[Work instructions] After locating the line with "- tool Nastroj, TCP" below, output it and each following line exactly, stopping after the line with "MoveL 3 to (35, -249.41, 148.93)". No pictures.

[Records for the exercise]
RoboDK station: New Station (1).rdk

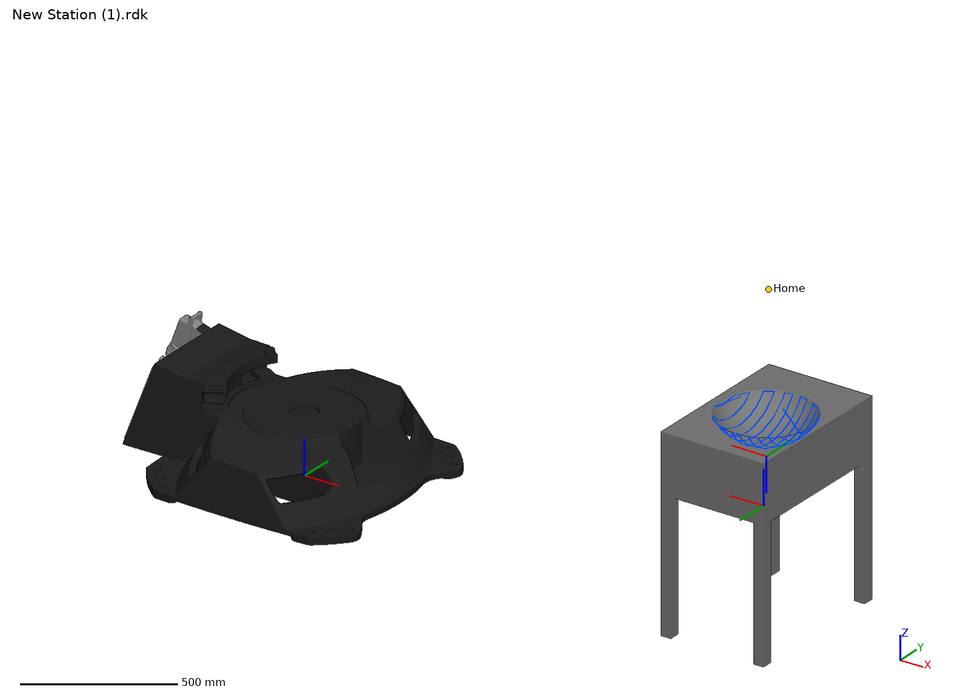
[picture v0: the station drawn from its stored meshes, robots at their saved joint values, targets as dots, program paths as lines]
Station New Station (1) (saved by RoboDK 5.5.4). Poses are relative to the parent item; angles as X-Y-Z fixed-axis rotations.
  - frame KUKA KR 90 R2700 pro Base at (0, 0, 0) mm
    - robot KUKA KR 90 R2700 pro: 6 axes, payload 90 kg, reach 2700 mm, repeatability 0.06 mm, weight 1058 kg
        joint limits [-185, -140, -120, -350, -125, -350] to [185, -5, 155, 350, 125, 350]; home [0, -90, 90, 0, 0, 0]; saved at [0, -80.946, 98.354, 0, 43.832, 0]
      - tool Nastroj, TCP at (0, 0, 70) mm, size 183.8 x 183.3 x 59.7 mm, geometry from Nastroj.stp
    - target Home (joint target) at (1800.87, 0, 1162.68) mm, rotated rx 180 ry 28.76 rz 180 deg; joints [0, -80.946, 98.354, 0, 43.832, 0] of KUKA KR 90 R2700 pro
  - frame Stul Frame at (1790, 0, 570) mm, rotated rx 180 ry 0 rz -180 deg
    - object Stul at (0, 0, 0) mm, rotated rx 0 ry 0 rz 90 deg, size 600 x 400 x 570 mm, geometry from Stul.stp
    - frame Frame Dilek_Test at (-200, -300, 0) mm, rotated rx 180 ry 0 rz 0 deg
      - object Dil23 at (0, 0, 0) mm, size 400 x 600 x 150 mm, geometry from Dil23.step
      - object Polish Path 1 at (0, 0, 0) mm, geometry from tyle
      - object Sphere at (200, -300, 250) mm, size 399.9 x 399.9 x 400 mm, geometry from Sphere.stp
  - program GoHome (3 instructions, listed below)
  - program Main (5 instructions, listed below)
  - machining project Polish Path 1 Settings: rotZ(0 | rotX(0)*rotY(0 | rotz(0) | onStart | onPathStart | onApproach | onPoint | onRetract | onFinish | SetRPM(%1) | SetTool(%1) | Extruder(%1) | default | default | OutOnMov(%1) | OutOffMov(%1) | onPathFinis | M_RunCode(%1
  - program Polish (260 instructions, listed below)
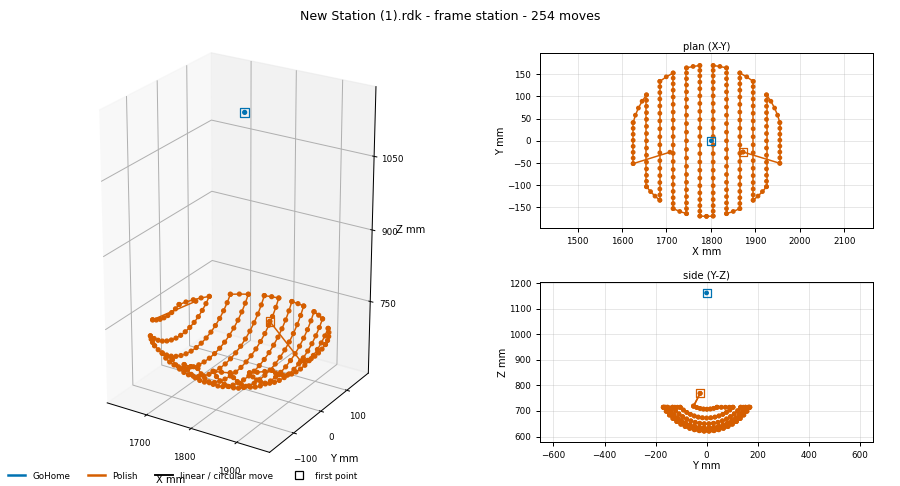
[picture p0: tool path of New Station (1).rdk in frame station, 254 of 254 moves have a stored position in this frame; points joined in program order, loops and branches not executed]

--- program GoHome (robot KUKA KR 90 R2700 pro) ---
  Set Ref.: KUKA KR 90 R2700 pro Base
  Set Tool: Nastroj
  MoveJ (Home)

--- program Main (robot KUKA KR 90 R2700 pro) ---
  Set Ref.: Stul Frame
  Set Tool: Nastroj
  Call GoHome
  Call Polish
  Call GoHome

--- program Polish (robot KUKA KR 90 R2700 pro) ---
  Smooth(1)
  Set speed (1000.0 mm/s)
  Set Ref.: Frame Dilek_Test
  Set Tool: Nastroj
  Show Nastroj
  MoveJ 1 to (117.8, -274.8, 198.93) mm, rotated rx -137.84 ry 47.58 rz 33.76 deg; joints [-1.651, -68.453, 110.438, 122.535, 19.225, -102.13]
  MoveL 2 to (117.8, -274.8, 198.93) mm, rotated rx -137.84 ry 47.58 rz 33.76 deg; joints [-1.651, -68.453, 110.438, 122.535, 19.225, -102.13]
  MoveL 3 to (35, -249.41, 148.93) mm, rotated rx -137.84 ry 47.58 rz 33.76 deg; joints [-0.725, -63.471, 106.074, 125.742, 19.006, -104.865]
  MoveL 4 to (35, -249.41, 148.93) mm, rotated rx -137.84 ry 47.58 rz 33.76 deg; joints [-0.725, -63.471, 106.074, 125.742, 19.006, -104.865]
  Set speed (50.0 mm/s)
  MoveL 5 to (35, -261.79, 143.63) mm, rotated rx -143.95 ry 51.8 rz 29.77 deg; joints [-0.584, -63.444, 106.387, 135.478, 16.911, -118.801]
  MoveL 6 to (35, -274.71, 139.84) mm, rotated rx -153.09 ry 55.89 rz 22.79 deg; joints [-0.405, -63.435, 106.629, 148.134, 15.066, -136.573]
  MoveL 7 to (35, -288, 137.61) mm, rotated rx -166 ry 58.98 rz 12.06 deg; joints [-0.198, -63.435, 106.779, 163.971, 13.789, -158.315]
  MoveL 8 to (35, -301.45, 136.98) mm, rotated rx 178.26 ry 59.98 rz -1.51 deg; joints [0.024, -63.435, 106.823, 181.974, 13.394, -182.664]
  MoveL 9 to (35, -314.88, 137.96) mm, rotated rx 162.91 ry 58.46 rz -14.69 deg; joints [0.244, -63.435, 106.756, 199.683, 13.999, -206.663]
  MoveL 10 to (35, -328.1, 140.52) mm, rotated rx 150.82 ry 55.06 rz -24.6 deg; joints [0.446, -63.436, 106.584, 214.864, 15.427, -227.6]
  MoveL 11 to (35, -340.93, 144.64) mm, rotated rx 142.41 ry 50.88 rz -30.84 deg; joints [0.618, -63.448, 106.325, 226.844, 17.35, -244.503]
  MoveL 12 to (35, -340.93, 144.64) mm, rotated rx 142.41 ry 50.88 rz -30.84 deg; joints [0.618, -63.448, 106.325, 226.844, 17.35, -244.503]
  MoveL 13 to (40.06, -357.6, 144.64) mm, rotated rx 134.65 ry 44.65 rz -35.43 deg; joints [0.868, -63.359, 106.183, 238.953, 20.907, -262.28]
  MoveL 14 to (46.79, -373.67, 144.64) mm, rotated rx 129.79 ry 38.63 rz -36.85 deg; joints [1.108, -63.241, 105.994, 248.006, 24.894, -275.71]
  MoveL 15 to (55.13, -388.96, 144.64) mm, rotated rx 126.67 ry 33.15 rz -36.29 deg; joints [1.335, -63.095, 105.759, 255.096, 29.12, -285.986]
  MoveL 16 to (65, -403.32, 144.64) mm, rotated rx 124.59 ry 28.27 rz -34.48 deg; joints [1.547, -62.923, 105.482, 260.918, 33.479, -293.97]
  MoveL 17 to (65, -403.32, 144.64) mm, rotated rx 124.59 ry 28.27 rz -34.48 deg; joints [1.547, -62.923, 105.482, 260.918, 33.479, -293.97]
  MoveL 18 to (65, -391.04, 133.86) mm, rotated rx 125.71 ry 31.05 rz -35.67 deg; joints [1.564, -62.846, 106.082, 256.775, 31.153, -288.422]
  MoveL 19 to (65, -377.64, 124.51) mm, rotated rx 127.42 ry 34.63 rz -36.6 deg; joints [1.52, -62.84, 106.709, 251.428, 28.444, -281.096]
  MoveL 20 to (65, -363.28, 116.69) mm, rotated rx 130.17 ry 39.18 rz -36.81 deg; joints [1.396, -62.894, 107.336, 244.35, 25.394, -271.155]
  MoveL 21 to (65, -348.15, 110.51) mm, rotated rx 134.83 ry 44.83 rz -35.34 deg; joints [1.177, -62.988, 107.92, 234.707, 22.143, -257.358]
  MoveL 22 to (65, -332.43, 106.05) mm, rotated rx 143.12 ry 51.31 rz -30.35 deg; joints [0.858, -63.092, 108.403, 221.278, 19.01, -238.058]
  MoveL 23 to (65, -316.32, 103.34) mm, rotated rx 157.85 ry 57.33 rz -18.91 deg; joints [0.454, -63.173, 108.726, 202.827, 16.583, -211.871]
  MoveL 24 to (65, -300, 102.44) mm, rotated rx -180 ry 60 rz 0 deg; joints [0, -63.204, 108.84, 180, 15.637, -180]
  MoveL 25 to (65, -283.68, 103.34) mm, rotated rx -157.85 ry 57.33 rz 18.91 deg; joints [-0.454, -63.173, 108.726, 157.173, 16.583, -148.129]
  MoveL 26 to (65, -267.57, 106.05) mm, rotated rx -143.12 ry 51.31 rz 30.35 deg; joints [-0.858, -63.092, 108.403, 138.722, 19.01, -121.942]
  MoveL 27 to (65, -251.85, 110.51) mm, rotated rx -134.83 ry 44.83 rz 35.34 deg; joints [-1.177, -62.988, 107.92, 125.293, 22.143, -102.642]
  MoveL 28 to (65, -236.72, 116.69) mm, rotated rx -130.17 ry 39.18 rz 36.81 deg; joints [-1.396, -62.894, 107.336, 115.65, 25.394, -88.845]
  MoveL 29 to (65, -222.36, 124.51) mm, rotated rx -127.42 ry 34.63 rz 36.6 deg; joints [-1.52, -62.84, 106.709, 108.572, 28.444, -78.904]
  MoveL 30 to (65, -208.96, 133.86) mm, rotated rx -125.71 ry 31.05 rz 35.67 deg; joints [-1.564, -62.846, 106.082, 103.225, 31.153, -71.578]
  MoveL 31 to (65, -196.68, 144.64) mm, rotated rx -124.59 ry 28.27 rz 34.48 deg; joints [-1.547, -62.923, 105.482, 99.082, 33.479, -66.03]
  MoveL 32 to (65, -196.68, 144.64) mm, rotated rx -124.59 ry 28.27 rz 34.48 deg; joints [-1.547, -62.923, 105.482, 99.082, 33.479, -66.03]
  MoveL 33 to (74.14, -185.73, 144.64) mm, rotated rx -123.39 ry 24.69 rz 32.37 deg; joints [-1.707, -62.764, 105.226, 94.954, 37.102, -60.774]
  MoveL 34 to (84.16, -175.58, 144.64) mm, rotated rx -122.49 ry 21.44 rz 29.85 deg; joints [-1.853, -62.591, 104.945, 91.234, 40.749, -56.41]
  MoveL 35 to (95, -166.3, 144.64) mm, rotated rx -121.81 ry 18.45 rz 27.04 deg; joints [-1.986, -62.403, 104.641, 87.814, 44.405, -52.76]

[Worked solution]
      - tool Nastroj, TCP at (0, 0, 70) mm, size 183.8 x 183.3 x 59.7 mm, geometry from Nastroj.stp
    - target Home (joint target) at (1800.87, 0, 1162.68) mm, rotated rx 180 ry 28.76 rz 180 deg; joints [0, -80.946, 98.354, 0, 43.832, 0] of KUKA KR 90 R2700 pro
  - frame Stul Frame at (1790, 0, 570) mm, rotated rx 180 ry 0 rz -180 deg
    - object Stul at (0, 0, 0) mm, rotated rx 0 ry 0 rz 90 deg, size 600 x 400 x 570 mm, geometry from Stul.stp
    - frame Frame Dilek_Test at (-200, -300, 0) mm, rotated rx 180 ry 0 rz 0 deg
      - object Dil23 at (0, 0, 0) mm, size 400 x 600 x 150 mm, geometry from Dil23.step
      - object Polish Path 1 at (0, 0, 0) mm, geometry from tyle
      - object Sphere at (200, -300, 250) mm, size 399.9 x 399.9 x 400 mm, geometry from Sphere.stp
  - program GoHome (3 instructions, listed below)
  - program Main (5 instructions, listed below)
  - machining project Polish Path 1 Settings: rotZ(0 | rotX(0)*rotY(0 | rotz(0) | onStart | onPathStart | onApproach | onPoint | onRetract | onFinish | SetRPM(%1) | SetTool(%1) | Extruder(%1) | default | default | OutOnMov(%1) | OutOffMov(%1) | onPathFinis | M_RunCode(%1
  - program Polish (260 instructions, listed below)
[picture p0: tool path of New Station (1).rdk in frame station, 254 of 254 moves have a stored position in this frame; points joined in program order, loops and branches not executed]

--- program GoHome (robot KUKA KR 90 R2700 pro) ---
  Set Ref.: KUKA KR 90 R2700 pro Base
  Set Tool: Nastroj
  MoveJ (Home)

--- program Main (robot KUKA KR 90 R2700 pro) ---
  Set Ref.: Stul Frame
  Set Tool: Nastroj
  Call GoHome
  Call Polish
  Call GoHome

--- program Polish (robot KUKA KR 90 R2700 pro) ---
  Smooth(1)
  Set speed (1000.0 mm/s)
  Set Ref.: Frame Dilek_Test
  Set Tool: Nastroj
  Show Nastroj
  MoveJ 1 to (117.8, -274.8, 198.93) mm, rotated rx -137.84 ry 47.58 rz 33.76 deg; joints [-1.651, -68.453, 110.438, 122.535, 19.225, -102.13]
  MoveL 2 to (117.8, -274.8, 198.93) mm, rotated rx -137.84 ry 47.58 rz 33.76 deg; joints [-1.651, -68.453, 110.438, 122.535, 19.225, -102.13]
  MoveL 3 to (35, -249.41, 148.93) mm, rotated rx -137.84 ry 47.58 rz 33.76 deg; joints [-0.725, -63.471, 106.074, 125.742, 19.006, -104.865]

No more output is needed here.